Il tempo di risposta della troposfera, ad esempio, è abbastanza corto: da qualche giorno a qualche settimana. Mentre quello della stratosfera è generalmente di numerosi mesi. Per quanto riguarda gli oceani, poi, in ragione della loro capacità termica elevata, i tempi di risposta sono molto più lunghi: variano normalmente da alcuni decenni, a secoli, fino anche a millenni. È per questo che il sistema complesso formato dalla superficie terrestre e dalla troposfera presenta tempi di risposta particolarmente lunghi, poiché determinati principalmente dagli oceani.

• UNFCCC
Si tratta della Convenzione quadro delle Nazioni Unite sui cambiamenti climatici.
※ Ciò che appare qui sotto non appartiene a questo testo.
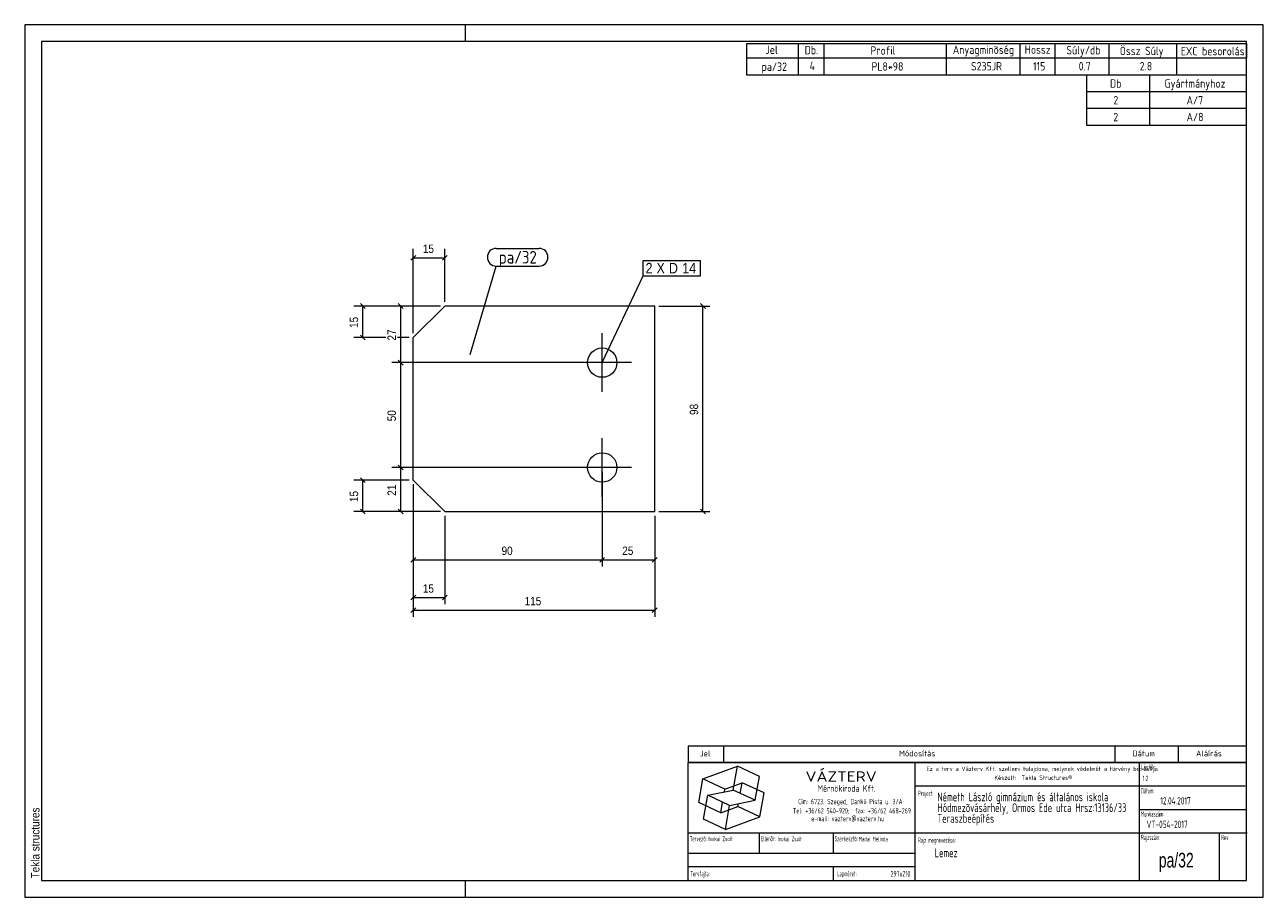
# Model space of a CAD drawing. Header units: millimetres. Extents: x 1 to 296, y 1 to 209.
import ezdxf

# ---------------------------------------------------------------- set-up
doc = ezdxf.new("R2010")
doc.units = ezdxf.units.MM
doc.linetypes.add('XKITLINE00', pattern=[0])
for name, color, linetype, lineweight in [('Bemassung', 1, 'Continuous', 0), ('Schrauben', 7, 'Continuous', 0), ('Schraubenbezeichnung', 5, 'Continuous', 0), ('Teil', 7, 'Continuous', 0), ('Text', 5, 'Continuous', 0), ('Ueberschrift', 7, 'Continuous', 0), ('Zeichnungsrahmen', 3, 'Continuous', 0)]:
    doc.layers.add(name, color=color, linetype=linetype, lineweight=lineweight)
doc.styles.add('ARIAL', font='ARIAL.TTF')
doc.styles.add('ISOCPEUR', font='ISOCPEUR.TTF')
doc.styles.add('ISOCPEUR_BOLD', font='ARIAL.TTF')
doc.styles.add('ISOCPUER', font='ARIAL.TTF')

msp = doc.modelspace()

# ---------------------------------------------------------------- linework, layer by layer
at = {"layer": 'Bemassung', "linetype": 'XKITLINE00', "lineweight": 0}
for p, q in [((94.12, 154.02), (92.98, 152.88)), ((93.55, 135.45), (93.55, 155.6)), ((93.55, 153.45), (101.05, 153.45)), ((101.62, 154.02), (100.48, 152.88)), ((101.05, 142.95), (101.05, 155.6)), ((100.05, 141.95), (79.4, 141.95)), ((80.98, 142.52), (82.12, 141.38)), ((81.55, 134.45), (81.55, 141.95)), ((100.05, 141.95), (88.4, 141.95)), ((89.98, 142.52), (91.12, 141.38)), ((90.55, 128.45), (90.55, 141.95)), ((152.05, 141.95), (164.15, 141.95)), ((161.98, 142.52), (163.12, 141.38)), ((162.55, 92.95), (162.55, 141.95)), ((87, 134.45), (79.4, 134.45)), ((80.98, 135.02), (82.12, 133.88)), ((92.55, 134.45), (89.8, 134.45)), ((137.55, 128.45), (88.4, 128.45)), ((137.55, 128.45), (88.4, 128.45)), ((89.98, 129.01), (91.12, 127.88)), ((89.98, 129.01), (91.12, 127.88)), ((90.55, 103.45), (90.55, 128.45)), ((137.55, 103.45), (88.4, 103.45)), ((137.55, 103.45), (88.4, 103.45)), ((89.98, 104.01), (91.12, 102.88)), ((89.98, 104.01), (91.12, 102.88)), ((90.55, 92.95), (90.55, 103.45)), ((92.55, 100.45), (79.4, 100.45)), ((80.98, 101.02), (82.12, 99.88)), ((81.55, 92.95), (81.55, 100.45)), ((138.55, 102.45), (138.55, 79.85)), ((138.55, 102.45), (138.55, 79.85)), ((93.55, 99.45), (93.55, 67.85)), ((93.55, 99.45), (93.55, 70.85)), ((93.55, 99.45), (93.55, 79.85)), ((100.05, 92.95), (79.4, 92.95)), ((80.98, 93.52), (82.12, 92.38)), ((100.05, 92.95), (88.4, 92.95)), ((89.98, 93.52), (91.12, 92.38)), ((101.05, 91.95), (101.05, 70.85)), ((151.05, 91.95), (151.05, 67.85)), ((151.05, 91.95), (151.05, 79.85)), ((152.05, 92.95), (164.15, 92.95)), ((161.98, 93.52), (163.12, 92.38)), ((94.12, 82.02), (92.98, 80.88)), ((93.55, 81.45), (138.55, 81.45)), ((139.12, 82.02), (137.98, 80.88)), ((139.12, 82.02), (137.98, 80.88)), ((138.55, 81.45), (151.05, 81.45)), ((151.62, 82.02), (150.48, 80.88)), ((94.12, 73.02), (92.98, 71.88)), ((93.55, 72.45), (101.05, 72.45)), ((101.62, 73.02), (100.48, 71.88)), ((94.12, 70.02), (92.98, 68.88)), ((93.55, 69.45), (151.05, 69.45)), ((151.62, 70.02), (150.48, 68.88))]:
    msp.add_line(p, q, dxfattribs=at)
at = {"layer": 'Bemassung'}
for p in [(93.55, 153.45), (101.05, 153.45), (81.55, 141.95), (90.55, 141.95), (162.55, 141.95), (81.55, 134.45), (90.55, 128.45), (90.55, 128.45), (90.55, 103.45), (90.55, 103.45), (81.55, 100.45), (81.55, 92.95), (90.55, 92.95), (162.55, 92.95), (93.55, 81.45), (138.55, 81.45), (138.55, 81.45), (151.05, 81.45), (93.55, 72.45), (101.05, 72.45), (93.55, 69.45), (151.05, 69.45)]:
    msp.add_point(p, dxfattribs=at)
at = {"layer": 'Schrauben', "linetype": 'XKITLINE00', "lineweight": 0}
for p, q in [((138.55, 121.45), (138.55, 135.45)), ((145.55, 128.45), (131.55, 128.45)), ((138.55, 96.45), (138.55, 110.45)), ((145.55, 103.45), (131.55, 103.45))]:
    msp.add_line(p, q, dxfattribs=at)
for centre in [(138.55, 128.45), (138.55, 103.45)]:
    msp.add_circle(centre, 3.5, dxfattribs=at)
at = {"layer": 'Schraubenbezeichnung', "linetype": 'XKITLINE00', "lineweight": 0}
for p, q in [((148.27, 152.83), (161.92, 152.83)), ((148.27, 149.13), (148.27, 152.83)), ((161.92, 149.13), (161.92, 152.83)), ((138.55, 128.45), (148.27, 149.13)), ((148.27, 149.13), (161.92, 149.13))]:
    msp.add_line(p, q, dxfattribs=at)
at = {"layer": 'Teil', "linetype": 'XKITLINE00', "lineweight": 0}
for p, q in [((101.05, 141.95), (93.55, 134.45)), ((151.05, 141.95), (101.05, 141.95)), ((151.05, 92.95), (151.05, 141.95)), ((93.55, 100.45), (93.55, 134.45)), ((101.05, 92.95), (93.55, 100.45)), ((101.05, 92.95), (151.05, 92.95))]:
    msp.add_line(p, q, dxfattribs=at)
at = {"layer": 'Text', "linetype": 'XKITLINE00', "lineweight": 0}
for p, q in [((113.3, 155.68), (123.53, 155.68)), ((107.09, 130.39), (113.3, 151.48)), ((113.3, 151.48), (123.53, 151.48))]:
    msp.add_line(p, q, dxfattribs=at)
for centre, start, end in [((113.3, 153.58), 90, 270), ((123.53, 153.58), 270, 90)]:
    msp.add_arc(centre, 2.1, start, end, dxfattribs=at)
at = {"layer": 'Ueberschrift', "linetype": 'XKITLINE00', "lineweight": 0}
for p, q in [((173, 204.54), (292, 204.54)), ((173, 201.04), (173, 204.54)), ((185.3, 201.04), (185.3, 204.54)), ((191.44, 201.04), (191.44, 204.54)), ((220.54, 201.04), (220.54, 204.54)), ((238.09, 201.05), (238.09, 204.55)), ((246.43, 201.04), (246.43, 204.54)), ((259.28, 201.04), (259.28, 204.54)), ((275.4, 201.02), (275.4, 204.52)), ((292, 204.54), (292, 201.04)), ((292, 201.04), (173, 201.04)), ((173, 197), (173, 201)), ((185.3, 197), (185.3, 201)), ((191.44, 197), (191.44, 201)), ((220.54, 197), (220.54, 201)), ((238.09, 197), (238.09, 201)), ((246.43, 197), (246.43, 201)), ((259.28, 197), (259.28, 201)), ((275.41, 197), (275.41, 201)), ((292, 197), (173, 197)), ((254, 193), (254, 197)), ((269, 193), (269, 197)), ((292, 193), (254, 193)), ((254, 189), (254, 193)), ((269, 189), (269, 193)), ((292, 189), (254, 189)), ((254, 185), (254, 189)), ((269, 185), (269, 189)), ((292, 185), (254, 185)), ((159, 37.07), (292, 37.07)), ((159, 37), (159, 33.14)), ((167.4, 37), (167.4, 33.14)), ((260.64, 37.07), (260.64, 33.21)), ((275.76, 37.07), (275.76, 33.21)), ((159, 33.22), (292, 33.22)), ((159, 33.14), (292, 33.14)), ((159, 5), (159, 33.14)), ((213.11, 5), (213.11, 33.14)), ((266.49, 5), (266.49, 33.14)), ((162.55, 29.24), (170.77, 32.23)), ((169.77, 26.55), (170.77, 32.23)), ((176, 29.79), (170.77, 32.23)), ((175, 24.11), (176, 29.79)), ((161.54, 23.55), (162.55, 29.24)), ((167.78, 26.8), (162.55, 29.24)), ((167.66, 26.12), (167.78, 26.8)), ((167.78, 26.8), (171.89, 28.3)), ((171.44, 25.76), (171.89, 28.3)), ((177.12, 25.86), (171.89, 28.3)), ((213.11, 27.54), (291.69, 27.54)), ((162.67, 19.62), (163.67, 25.3)), ((163.67, 25.3), (169.77, 26.55)), ((168.9, 22.86), (163.67, 25.3)), ((166.78, 21.11), (167.22, 23.65)), ((168.9, 22.86), (175, 24.11)), ((175, 24.11), (169.77, 26.55)), ((176.12, 20.17), (177.12, 25.86)), ((166.78, 21.11), (161.54, 23.55)), ((166.78, 21.11), (170.89, 22.61)), ((167.9, 17.18), (168.9, 22.86)), ((170.89, 22.61), (171.01, 23.29)), ((176.12, 20.17), (170.89, 22.61)), ((266.49, 21.94), (292, 21.94)), ((167.9, 17.18), (162.67, 19.62)), ((167.9, 17.18), (176.12, 20.17)), ((159, 16.34), (292.21, 16.34)), ((175.99, 11.48), (175.99, 16.39)), ((193.55, 16.39), (193.55, 11.49)), ((285.52, 16.28), (285.52, 5)), ((159.07, 11.49), (213.14, 11.49)), ((159.04, 8.34), (213.11, 8.34)), ((193.55, 8.31), (193.55, 5.13))]:
    msp.add_line(p, q, dxfattribs=at)
at = {"layer": 'Zeichnungsrahmen', "linetype": 'XKITLINE00', "lineweight": 0}
for p, q in [((296, 209), (1, 209)), ((1, 209), (1, 1)), ((106, 205), (106, 209)), ((296, 1), (296, 209)), ((292, 205), (5, 205)), ((5, 205), (5, 5)), ((292, 5), (292, 205)), ((5, 5), (292, 5)), ((106, 1), (106, 5)), ((1, 1), (296, 1))]:
    msp.add_line(p, q, dxfattribs=at)

# ---------------------------------------------------------------- texts
at = {"layer": 'Bemassung', "style": 'ISOCPUER', "width": 0.85}
for s, p in [('15', (95.82, 154.6)), ('90', (114.57, 82.6)), ('25', (143.32, 82.6)), ('15', (95.82, 73.6)), ('115', (120.07, 70.6))]:
    msp.add_text(s, height=2, dxfattribs=at).set_placement(p)
for s, p in [('15', (80.4, 136.72)), ('27', (89.4, 133.72)), ('98', (161.4, 115.97)), ('50', (89.4, 114.47)), ('15', (80.4, 95.22)), ('21', (89.4, 96.72))]:
    msp.add_text(s, height=2, rotation=90.0002, dxfattribs=at).set_placement(p)
at = {"layer": 'Schraubenbezeichnung', "style": 'ARIAL', "width": 0.85}
for s, p in [('2', (148.87, 149.73)), ('X', (151.48, 149.73)), ('D', (154.45, 149.73)), ('14', (157.61, 149.73))]:
    msp.add_text(s, height=2.5, dxfattribs=at).set_placement(p)
at = {"layer": 'Text', "style": 'ISOCPEUR', "width": 0.85}
msp.add_text('pa/32', height=3, dxfattribs=at).set_placement((113.9, 152.08))
at = {"layer": 'Ueberschrift'}
for s, height, style, width, p in [('Jel', 2, 'ISOCPEUR', 0.85, (177.44, 202.04)), ('Db.', 2, 'ISOCPEUR', 0.85, (186.78, 201.95)), ('Profil', 2, 'ISOCPEUR', 0.85, (202.44, 201.86)), ('Anyagminõség', 2, 'ISOCPEUR', 0.85, (222.06, 202.04)), ('Hossz', 2, 'ISOCPEUR', 0.85, (239.18, 202.08)), ('Súly/db', 2, 'ISOCPEUR', 0.85, (249.11, 201.94)), ('Össz Súly', 2, 'ISOCPEUR', 0.85, (261.83, 201.76)), ('EXC besorolás', 2, 'ISOCPEUR', 0.85, (276.36, 201.71)), ('pa/32', 2, 'ISOCPEUR', 0.85, (176.51, 198)), ('4', 2, 'ISOCPEUR', 0.85, (187.94, 198.19)), ('PL8*98', 2, 'ISOCPEUR', 0.85, (202.69, 198.05)), ('S235JR', 2, 'ISOCPEUR', 0.85, (226.39, 198.11)), ('115', 2, 'ISOCPEUR', 0.85, (241.15, 198.11)), ('0.7', 2, 'ISOCPEUR', 0.85, (252.04, 198.12)), ('2.8', 2, 'ISOCPEUR', 0.85, (266.59, 198.12)), ('Db', 2, 'ISOCPEUR', 0.85, (259.5, 194)), ('Gyártmányhoz', 2, 'ISOCPEUR', 0.85, (272.5, 194)), ('2', 2, 'ISOCPEUR', 0.85, (260.3, 190)), ('A/7', 2, 'ISOCPEUR', 0.85, (277.74, 190)), ('2', 2, 'ISOCPEUR', 0.85, (260.3, 186)), ('A/8', 2, 'ISOCPEUR', 0.85, (277.74, 186)), ('Jel', 1.4, 'ISOCPEUR', 0.85, (161.84, 34.58)), ('Módosítás', 1.4, 'ISOCPEUR', 0.85, (209.25, 34.58)), ('Dátum', 1.4, 'ISOCPEUR', 0.85, (264.86, 34.58)), ('Aláírás', 1.4, 'ISOCPEUR', 0.85, (280, 34.58)), ('Lépték:', 1.26, 'ISOCPEUR', 0.51, (266.96, 31.43)), ('VÁZTERV', 2.45, 'ISOCPEUR', 1.19, (186.96, 28.56)), ('Ez a terv a Vázterv Kft. szellemi tulajdona, melynek védelmét a törvény biztosítja.', 1.05, 'ISOCPEUR', 0.838832, (215.8, 31.11)), ('Készült:  Tekla Structures®', 1.05, 'ISOCPEUR', 0.838832, (231.96, 28.98)), ('1:2', 1.26, 'ISOCPEUR', 0.595, (267.27, 28.7)), ('Mérnökiroda Kft.', 1.61, 'ISOCPEUR', 0.68, (189.86, 26.15)), ('Dátum:', 1.26, 'ISOCPEUR', 0.51, (266.91, 25.76)), ('Cím: 6723. Szeged, Dankó Pista u. 3/A', 1.26, 'ISOCPEUR', 0.68, (185.24, 23.18)), ('Project:', 1.26, 'ISOCPEUR', 0.51, (213.81, 25.12)), ('Németh László gimnázium és általános iskola', 2.1, 'ISOCPEUR', 0.595, (218.39, 23.87)), ('Hódmezõvásárhely, Ormos Ede utca Hrsz:13136/33', 2.1, 'ISOCPEUR', 0.595, (218.4, 21.31)), ('12.04.2017', 1.75, 'ISOCPEUR', 0.595, (271.48, 23.11)), ('Tel: +36/62 540-920;  fax: +36/62 468-269', 1.26, 'ISOCPEUR', 0.68, (183.98, 20.99)), ('Teraszbeépítés', 2.1, 'ISOCPEUR', 0.595, (218.4, 18.75)), ('Munkaszám:', 1.26, 'ISOCPEUR', 0.51, (266.87, 20.23)), ('e-mail: vazterv@vazterv.hu', 1.26, 'ISOCPEUR', 0.68, (188.32, 19.12)), ('VT-054-2017', 1.75, 'ISOCPEUR', 0.595, (268.23, 17.51)), ('Tervezõ:', 1.26, 'ISOCPEUR', 0.51, (159.4, 14.32)), ('Inokai Zsolt', 1.12, 'ISOCPEUR', 0.595, (163.85, 14.37)), ('Ellenõr:', 1.26, 'ISOCPEUR', 0.51, (176.35, 14.35)), ('Inokai Zsolt', 1.12, 'ISOCPEUR', 0.595, (180.32, 14.35)), ('Szerkesztõ:', 1.26, 'ISOCPEUR', 0.51, (193.9, 14.32)), ('Madai Melinda', 1.12, 'ISOCPEUR', 0.595, (199.65, 14.33)), ('Rajz megnevezése:', 1.26, 'ISOCPEUR', 0.51, (213.8, 13.98)), ('Rajzszám:', 1.26, 'ISOCPEUR', 0.51, (266.92, 14.65)), ('Rev:', 1.26, 'ISOCPEUR', 0.51, (285.98, 14.62)), ('Lemez', 2.1, 'ISOCPEUR', 0.595, (217.73, 10.54)), ('pa/32', 3.5, 'ISOCPEUR_BOLD', 0.68, (271.12, 8.1)), ('Tervfajta:', 1.26, 'ISOCPEUR', 0.51, (159.53, 5.99)), ('Lapméret:', 1.26, 'ISOCPEUR', 0.51, (194.51, 5.99)), ('297x210', 1.4, 'ISOCPEUR', 0.595, (207.25, 5.89))]:
    msp.add_text(s, height=height, dxfattribs=dict(at, style=style, width=width)).set_placement(p)
at = {"layer": 'Zeichnungsrahmen', "style": 'ARIAL', "width": 0.85}
msp.add_text('Tekla structures', height=2, rotation=90, dxfattribs=at).set_placement((4.5, 5.5))

doc.saveas('drawing.dxf')

Nata il 9 maggio 1992 a New York, è sotto la sua egida che sono stati approvati, ad esempio, il Protocollo di Kyoto e l’Accordo di Parigi.

• Uso delle terre
Per uso delle terre si intende l’insieme delle disposizioni, attività e altri apporti di vario tipo che incidono sulla copertura terrestre. Si tratta, altresì, di un termine utilizzato per definire gli obiettivi sociali ed economici dello sfruttamento delle terre, come nel caso di pascoli, foreste o agricoltura.